R&D Roots At AOL
AOL has been using Hadoop for more than three years, first in its R&D unit, to make sense of the navigation patterns of the more than 180 million unique site visitors per month across AOL.com, MapQuest, the Huffington Post, and dozens of other sites it owns.
AOL starts by gathering as much information as possible about visitors' activities. That's where Hadoop's low-cost and scalability come in. "When you do the math, the cost per node of commodity systems versus commercial systems makes the choice very obvious," says Bao Nguyen, AOL's technical director of R&D for large-scale analytics. "The cost per node is orders of magnitude higher for the commercial systems."
AOL's R&D unit has a 300-node Hadoop deployment of mixed vintage and capacity in Mountain View, Calif. That system can store more than 500 TB of clickstream data on billions of events per day. An event can be someone clicking on an email promotion or banner ad, doing a search, reading an article, visiting a site, or clicking on a particular product on an e-commerce page. Events can also include time stamps added to the history and profile of a particular visitor (known by a particular cookie ID number but not by personally identifiable information).
This clickstream data is highly structured, but it's so massive and varied that it would be next to impossible to handle all the extract, transform, and load work that would be required to move it into a conventional relational database. AOL uses Hadoop's MapReduce processes to filter and correlate data, distributing text extraction, correlation, and calculation steps across hundreds of compute nodes.
With MapReduce job after MapReduce job, AOL refines massive amounts of raw data into thousands of categories, such as automobiles, news, finance, and sports. Next, it identifies features and attributes of the visitors to each category, determining whether they're car buyers, mortgage prospects, male heads of household, or teenagers, for example.
It feeds the final refined feature sets into more proprietary analytic applications (many built out on conventional relational platforms) that get down to the business priorities of delivering the right ad banners and email campaigns to the right people at the right time.
When online behavior shows that a visitor is interested in cars, Hadoop helps AOL figure that out and deliver a relevant ad. Hadoop is a batch-oriented platform, so it might take a day or two for such indicators to emerge. But profiles have a way of building over time and providing rich, multi-attribute targeting possibilities.

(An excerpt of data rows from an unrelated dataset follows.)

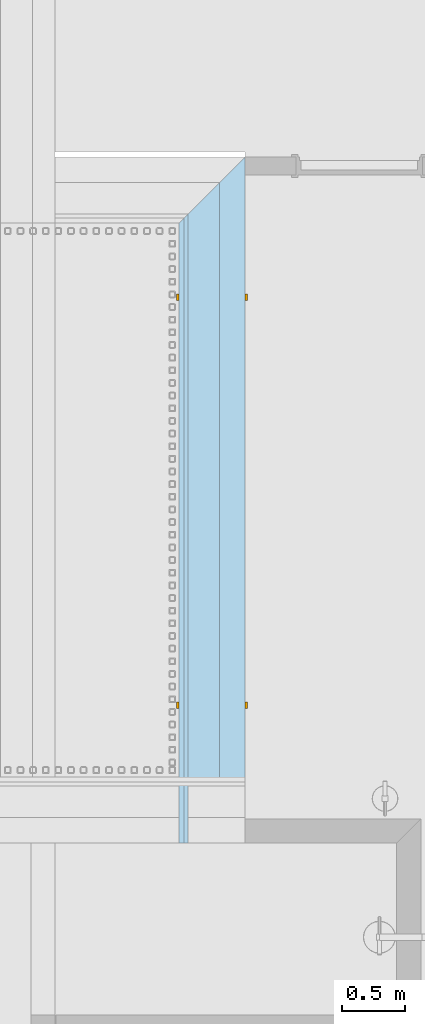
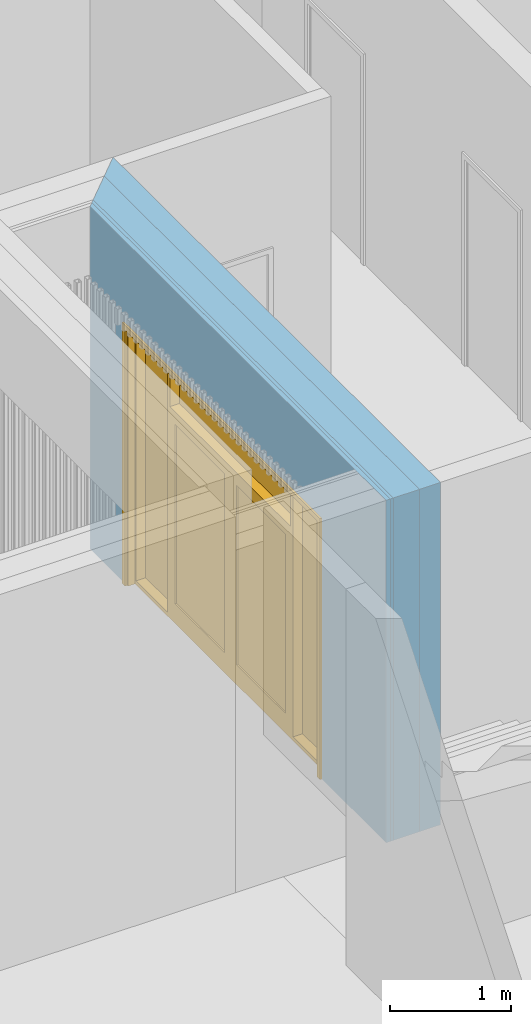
# One storey, part 56 of 112: 1 door, 1 opening, 1 element without a shape of its own, plus 4 elements that do not belong to this part.
"""IFC2X3 building model written with IfcOpenShell, lengths in millimetres."""

from ifc_helpers import new_model, entity, si_unit, converted_unit, derived_unit, money_unit, direction, frame, origin_with_axes, origin_2d_with_axis, place, context, subcontext, project, spatial, polyline, rectangle, outline, extrude, open_shell, faceted_brep, surface_model, material, type_object, element, fill, aggregate, save


model = new_model("IFC2X3")

# Units and contexts
model_context = context("Model", 3, precision=0.01, world=origin_with_axes(), true_north=direction((0.0, 1.0)))
body_context = subcontext(model_context, "Body", "Model", "MODEL_VIEW")
ifc_project = project(units=[si_unit("LENGTHUNIT", "METRE", prefix="MILLI"), si_unit("AREAUNIT", "SQUARE_METRE"), si_unit("VOLUMEUNIT", "CUBIC_METRE"), converted_unit("PLANEANGLEUNIT", "DEGREE", entity("IfcPlaneAngleMeasure", 0.0174532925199), si_unit("PLANEANGLEUNIT", "RADIAN"), dimensions=[0, 0, 0, 0, 0, 0, 0]), si_unit("SOLIDANGLEUNIT", "STERADIAN"), money_unit("EUR"), converted_unit("TIMEUNIT", "Year", entity("IfcTimeMeasure", 31556926.0), si_unit("TIMEUNIT", "SECOND"), dimensions=[0, 0, 1, 0, 0, 0, 0]), si_unit("MASSUNIT", "GRAM", prefix="KILO"), si_unit("THERMODYNAMICTEMPERATUREUNIT", "DEGREE_CELSIUS"), si_unit("LUMINOUSINTENSITYUNIT", "LUMEN"), si_unit("ENERGYUNIT", "JOULE", prefix="MEGA"), derived_unit("THERMALCONDUCTANCEUNIT", [(si_unit("POWERUNIT", "WATT"), 1), (si_unit("LENGTHUNIT", "METRE"), -1), (si_unit("THERMODYNAMICTEMPERATUREUNIT", "KELVIN"), -1)]), derived_unit("SPECIFICHEATCAPACITYUNIT", [(si_unit("ENERGYUNIT", "JOULE"), 1), (si_unit("MASSUNIT", "GRAM", prefix="KILO"), -1), (si_unit("THERMODYNAMICTEMPERATUREUNIT", "KELVIN"), -1)]), derived_unit("MASSDENSITYUNIT", [(si_unit("MASSUNIT", "GRAM", prefix="KILO"), 1), (si_unit("VOLUMEUNIT", "CUBIC_METRE"), -1)])], contexts=[model_context])

# Site, building, storey
site_placement = place(None, origin_with_axes())
site = spatial("IfcSite", under=ifc_project, at=site_placement, Name="Politse- ja Piirivalveameti ning Päästeameti ühishoone", CompositionType="ELEMENT")
building_placement = place(site_placement, origin_with_axes())
building = spatial("IfcBuilding", under=site, at=building_placement, Name="Politse- ja Piirivalveameti ning Päästeameti ühishoone", CompositionType="ELEMENT")
storey_placement = place(building_placement, origin_with_axes())
storey = spatial("IfcBuildingStorey", under=building, at=storey_placement, Name="Esimene korrus", CompositionType="ELEMENT", Elevation=0.0)

# Door
door_style = type_object("IfcDoorStyle", Name="Double Door with 2 Sidelights, Transom 23", ConstructionType="NOTDEFINED", OperationType="USERDEFINED", ParameterTakesPrecedence=False, Sizeable=False)
wall_placement = place(storey_placement, frame((61660.5519118, 26419.9520832, 0.0), z_axis=(0.0, 0.0, 1.0), x_axis=(0.0, -1.0, 0.0)))
opening_placement = place(wall_placement, frame((2720.16441569, 0.0, 0.0), z_axis=(0.0, 0.0, 1.0), x_axis=(1.0, 0.0, 0.0)))
door_placement = place(opening_placement, frame((1600.0, 0.0, 0.0), z_axis=(0.0, 0.0, 1.0), x_axis=(-1.0, 0.0, 0.0)))
door = element("IfcDoor", 1, at=door_placement, inside=storey, type_object=door_style, Name="VU-03", ObjectType="DOOR", OverallHeight=2600.0, OverallWidth=3200.0, context=body_context, shape_type="SurfaceModel", body=[
    faceted_brep([(2612.0, 410.0, 0.0), (2612.0, 410.0, 12.0), (2600.0, 410.0, 12.0), (2600.0, 410.0, 0.0), (588.0, 410.0, 0.0), (588.0, 410.0, 12.0), (600.0, 410.0, 12.0), (600.0, 335.0, 12.0), (2600.0, 335.0, 12.0), (2600.0, 335.0, 0.0), (600.0, 335.0, 0.0), (600.0, 410.0, 0.0)], [[[0, 1, 2, 3]], [[4, 5, 1, 0]], [[1, 5, 6, 7, 8, 2]], [[3, 2, 8, 9]], [[0, 3, 9, 10, 11, 4]], [[11, 6, 5, 4]], [[10, 7, 6, 11]], [[9, 8, 7, 10]]]),
    faceted_brep([(0.0, 335.0, 0.0), (25.0, 335.0, 0.0), (25.0, 0.0, 0.0), (0.0, 0.0, 0.0), (0.0, 335.0, 2600.0), (25.0, 335.0, 2575.0), (25.0, 0.0, 2575.0), (0.0, 0.0, 2600.0)], [[[0, 1, 2, 3]], [[0, 4, 5, 1]], [[1, 5, 6, 2]], [[3, 2, 6, 7]], [[4, 0, 3, 7]], [[5, 4, 7, 6]]]),
    faceted_brep([(3200.0, 335.0, 2600.0), (3175.0, 335.0, 2575.0), (3175.0, 0.0, 2575.0), (3200.0, 0.0, 2600.0), (3200.0, 335.0, 0.0), (3175.0, 335.0, 0.0), (3175.0, 0.0, 0.0), (3200.0, 0.0, 0.0)], [[[0, 1, 2, 3]], [[0, 4, 5, 1]], [[1, 5, 6, 2]], [[3, 2, 6, 7]], [[4, 0, 3, 7]], [[5, 4, 7, 6]]]),
    faceted_brep([(25.0, 335.0, 2575.0), (3175.0, 335.0, 2575.0), (3175.0, 0.0, 2575.0), (25.0, 0.0, 2575.0), (0.0, 335.0, 2600.0), (3200.0, 335.0, 2600.0), (3200.0, 0.0, 2600.0), (0.0, 0.0, 2600.0)], [[[0, 1, 2, 3]], [[0, 4, 5, 1]], [[1, 5, 6, 2]], [[3, 2, 6, 7]], [[4, 0, 3, 7]], [[5, 4, 7, 6]]]),
    faceted_brep([(-37.0, -19.0, 0.0), (-37.0, 0.0, 0.0), (13.0, 0.0, 0.0), (13.0, -19.0, 0.0), (-37.0, -19.0, 2637.0), (-37.0, 0.0, 2637.0), (13.0, 0.0, 2587.0), (13.0, -19.0, 2587.0)], [[[0, 1, 2, 3]], [[4, 5, 1, 0]], [[1, 5, 6, 2]], [[3, 2, 6, 7]], [[0, 3, 7, 4]], [[7, 6, 5, 4]]]),
    faceted_brep([(3237.0, -19.0, 2637.0), (3237.0, 0.0, 2637.0), (3187.0, 0.0, 2587.0), (3187.0, -19.0, 2587.0), (3237.0, -19.0, 0.0), (3237.0, 0.0, 0.0), (3187.0, 0.0, 0.0), (3187.0, -19.0, 0.0)], [[[0, 1, 2, 3]], [[4, 5, 1, 0]], [[1, 5, 6, 2]], [[3, 2, 6, 7]], [[0, 3, 7, 4]], [[7, 6, 5, 4]]]),
    faceted_brep([(-37.0, -19.0, 2637.0), (-37.0, 0.0, 2637.0), (13.0, 0.0, 2587.0), (13.0, -19.0, 2587.0), (3237.0, -19.0, 2637.0), (3237.0, 0.0, 2637.0), (3187.0, 0.0, 2587.0), (3187.0, -19.0, 2587.0)], [[[0, 1, 2, 3]], [[4, 5, 1, 0]], [[1, 5, 6, 2]], [[3, 2, 6, 7]], [[0, 3, 7, 4]], [[7, 6, 5, 4]]]),
    faceted_brep([(0.0, 450.0, 0.0), (0.0, 520.0, 0.0), (25.0, 520.0, 0.0), (25.0, 450.0, 0.0), (0.0, 450.0, 2600.0), (0.0, 520.0, 2600.0), (25.0, 520.0, 2575.0), (25.0, 450.0, 2575.0)], [[[0, 1, 2, 3]], [[4, 5, 1, 0]], [[1, 5, 6, 2]], [[3, 2, 6, 7]], [[0, 3, 7, 4]], [[7, 6, 5, 4]]]),
    faceted_brep([(3200.0, 450.0, 2600.0), (3200.0, 520.0, 2600.0), (3175.0, 520.0, 2575.0), (3175.0, 450.0, 2575.0), (3200.0, 450.0, 0.0), (3200.0, 520.0, 0.0), (3175.0, 520.0, 0.0), (3175.0, 450.0, 0.0)], [[[0, 1, 2, 3]], [[4, 5, 1, 0]], [[1, 5, 6, 2]], [[3, 2, 6, 7]], [[0, 3, 7, 4]], [[7, 6, 5, 4]]]),
    faceted_brep([(0.0, 450.0, 2600.0), (0.0, 520.0, 2600.0), (25.0, 520.0, 2575.0), (25.0, 450.0, 2575.0), (3200.0, 450.0, 2600.0), (3200.0, 520.0, 2600.0), (3175.0, 520.0, 2575.0), (3175.0, 450.0, 2575.0)], [[[0, 1, 2, 3]], [[4, 5, 1, 0]], [[1, 5, 6, 2]], [[3, 2, 6, 7]], [[0, 3, 7, 4]], [[7, 6, 5, 4]]]),
    faceted_brep([(-37.0, 539.0, 0.0), (13.0, 539.0, 0.0), (13.0, 520.0, 0.0), (-37.0, 520.0, 0.0), (-37.0, 539.0, 2637.0), (13.0, 539.0, 2587.0), (13.0, 520.0, 2587.0), (-37.0, 520.0, 2637.0)], [[[0, 1, 2, 3]], [[0, 4, 5, 1]], [[1, 5, 6, 2]], [[3, 2, 6, 7]], [[4, 0, 3, 7]], [[5, 4, 7, 6]]]),
    faceted_brep([(3237.0, 539.0, 2637.0), (3187.0, 539.0, 2587.0), (3187.0, 520.0, 2587.0), (3237.0, 520.0, 2637.0), (3237.0, 539.0, 0.0), (3187.0, 539.0, 0.0), (3187.0, 520.0, 0.0), (3237.0, 520.0, 0.0)], [[[0, 1, 2, 3]], [[0, 4, 5, 1]], [[1, 5, 6, 2]], [[3, 2, 6, 7]], [[4, 0, 3, 7]], [[5, 4, 7, 6]]]),
    faceted_brep([(-37.0, 539.0, 2637.0), (13.0, 539.0, 2587.0), (13.0, 520.0, 2587.0), (-37.0, 520.0, 2637.0), (3237.0, 539.0, 2637.0), (3187.0, 539.0, 2587.0), (3187.0, 520.0, 2587.0), (3237.0, 520.0, 2637.0)], [[[0, 1, 2, 3]], [[0, 4, 5, 1]], [[1, 5, 6, 2]], [[3, 2, 6, 7]], [[4, 0, 3, 7]], [[5, 4, 7, 6]]]),
    faceted_brep([(0.0, 450.0, 0.0), (40.0, 450.0, 0.0), (40.0, 335.0, 0.0), (0.0, 335.0, 0.0), (0.0, 450.0, 2560.0), (40.0, 450.0, 2560.0), (40.0, 450.0, 40.0), (40.0, 335.0, 40.0), (40.0, 335.0, 2560.0), (0.0, 335.0, 2560.0)], [[[0, 1, 2, 3]], [[0, 4, 5, 6, 1]], [[1, 6, 7, 2]], [[3, 2, 7, 8, 9]], [[4, 0, 3, 9]], [[5, 4, 9, 8]], [[6, 5, 8, 7]]]),
    faceted_brep([(600.0, 410.0, 2112.0), (600.0, 450.0, 2112.0), (600.0, 450.0, 2140.0), (600.0, 335.0, 2140.0), (600.0, 335.0, 2100.0), (600.0, 410.0, 2100.0), (588.0, 410.0, 2112.0), (588.0, 450.0, 2112.0), (588.0, 450.0, 0.0), (560.0, 450.0, 0.0), (560.0, 450.0, 40.0), (560.0, 450.0, 2560.0), (600.0, 450.0, 2560.0), (600.0, 335.0, 2560.0), (560.0, 335.0, 2560.0), (560.0, 335.0, 40.0), (560.0, 335.0, 0.0), (600.0, 335.0, 0.0), (600.0, 410.0, 0.0), (588.0, 410.0, 0.0)], [[[0, 1, 2, 3, 4, 5]], [[1, 0, 6, 7]], [[7, 8, 9, 10, 11, 12, 2, 1]], [[12, 13, 3, 2]], [[4, 3, 13, 14, 15, 16, 17]], [[18, 5, 4, 17]], [[0, 5, 18, 19, 6]], [[8, 7, 6, 19]], [[19, 18, 17, 16, 9, 8]], [[9, 16, 15, 10]], [[10, 15, 14, 11]], [[11, 14, 13, 12]]]),
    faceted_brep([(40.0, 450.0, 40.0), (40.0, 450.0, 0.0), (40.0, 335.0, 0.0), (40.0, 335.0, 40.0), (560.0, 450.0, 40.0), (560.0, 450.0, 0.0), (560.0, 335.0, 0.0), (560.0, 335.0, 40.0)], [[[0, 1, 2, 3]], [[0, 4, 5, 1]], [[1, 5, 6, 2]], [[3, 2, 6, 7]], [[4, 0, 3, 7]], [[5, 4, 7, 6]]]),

The success of the R&D Hadoop deployment led AOL to deploy an even larger, 700-node production system in April at its Dulles, Va., headquarters. The R&D unit now does more exploratory and ad hoc analyses, while the petabyte-scale production deployment does proven analyses, such as routine customer segmentation and online behavioral analysis. For example, an ad-targeting model running on the production deployment correlates data on the online and offline buying behavior of customers of large retailers that have both physical and online stores. AOL uses this anonymized data to build customer profiles and predictive models that let it aim online advertising at its 180 million unique online visitors per month.